Remove text in-between delimiters in a string (using a regex?)
Simple regex would be:
string input = "Give [Me Some] Purple (And More) Elephants";
string regex = "(\\[.*\\])|(\".*\")|('.*')|(\\(.*\\))";
string output = Regex.Replace(input, regex, "");
As for doing it a custom way where you want to build up the regex you would just need to build up the parts:
('.*') // example of the single quote check
Then have each individual regex part concatenated with an OR (the | in regex) as in my original example. Once you have your regex string built just run it once. The key is to get the regex into a single check because performing a many regex matches on one item and then iterating through a lot of items will probably see a significant decrease in performance.
In my first example that would take the place of the following line:
string input = "Give [Me Some] Purple (And More) Elephants";
string regex = "Your built up regex here";
string sOutput = Regex.Replace(input, regex, "");
I am sure someone will post a cool linq expression to build the regex based on an array of delimiter objects to match or something.

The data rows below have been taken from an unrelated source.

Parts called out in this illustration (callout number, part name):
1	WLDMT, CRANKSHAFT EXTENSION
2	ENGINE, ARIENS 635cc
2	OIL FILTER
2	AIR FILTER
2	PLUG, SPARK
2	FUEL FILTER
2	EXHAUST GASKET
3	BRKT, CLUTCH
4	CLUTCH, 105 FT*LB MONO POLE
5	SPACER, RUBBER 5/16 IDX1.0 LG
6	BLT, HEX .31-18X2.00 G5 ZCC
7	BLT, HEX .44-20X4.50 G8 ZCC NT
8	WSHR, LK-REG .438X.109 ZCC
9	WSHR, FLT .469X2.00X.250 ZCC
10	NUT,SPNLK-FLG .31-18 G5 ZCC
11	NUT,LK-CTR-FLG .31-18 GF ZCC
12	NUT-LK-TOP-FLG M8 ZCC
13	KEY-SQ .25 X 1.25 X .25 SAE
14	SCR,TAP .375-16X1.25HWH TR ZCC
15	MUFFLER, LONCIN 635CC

A simple way would be to do this:
string RemoveBetween(string s, char begin, char end)
{
Regex regex = new Regex(string.Format("\\{0}.*?\\{1}", begin, end));
return regex.Replace(s, string.Empty);
}
string s = "Give [Me Some] Purple (And More) \\Elephants/ and .hats^";
s = RemoveBetween(s, '(', ')');
s = RemoveBetween(s, '[', ']');
s = RemoveBetween(s, '\\', '/');
s = RemoveBetween(s, '.', '^');
Changing the return statement to the following will avoid duplicate empty spaces:
return new Regex(" +").Replace(regex.Replace(s, string.Empty), " ");
The final result for this would be:
"Give Purple and "
Disclamer: A single regex would probably faster than this.
I have to add the old adage, "You have a problem and you want to use regular expressions. Now you have two problems."

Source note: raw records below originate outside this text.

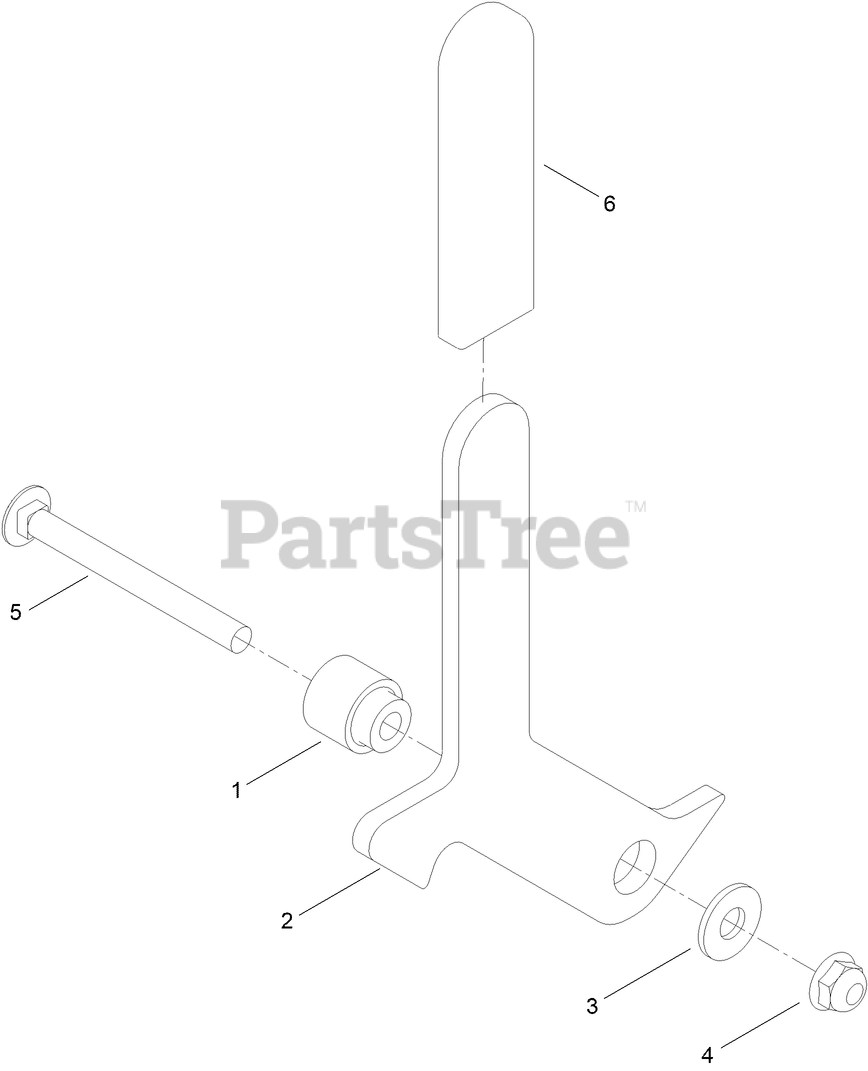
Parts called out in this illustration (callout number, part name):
1	SPACER-STEPPED
2	PLATE-TRANSPORT LOCK
3	WASHER-PLAIN
4	NUT-HF
5	SCREW-CARR
6	GRIP-HANDLE

I've come up with a quick regex that will hopefully help you in the direction you are looking:
[.]*(\(|\[|\"|').*(\]|\)|\"|')[.]*
The parenthesis, brackets, double quotes are escaped while the single quote is able to be left alone.
To put the above expression into English, I'm allowing for any number of characters before and any number after, matching the expression in between matching delimiters.
The open delimiter phrase is (\(|\[|\"|')
This has a matching closing phrase. To make this a bit more extensible in the future, you could remove the actual delimiters and contain them in a config file, database or wherever you may choose.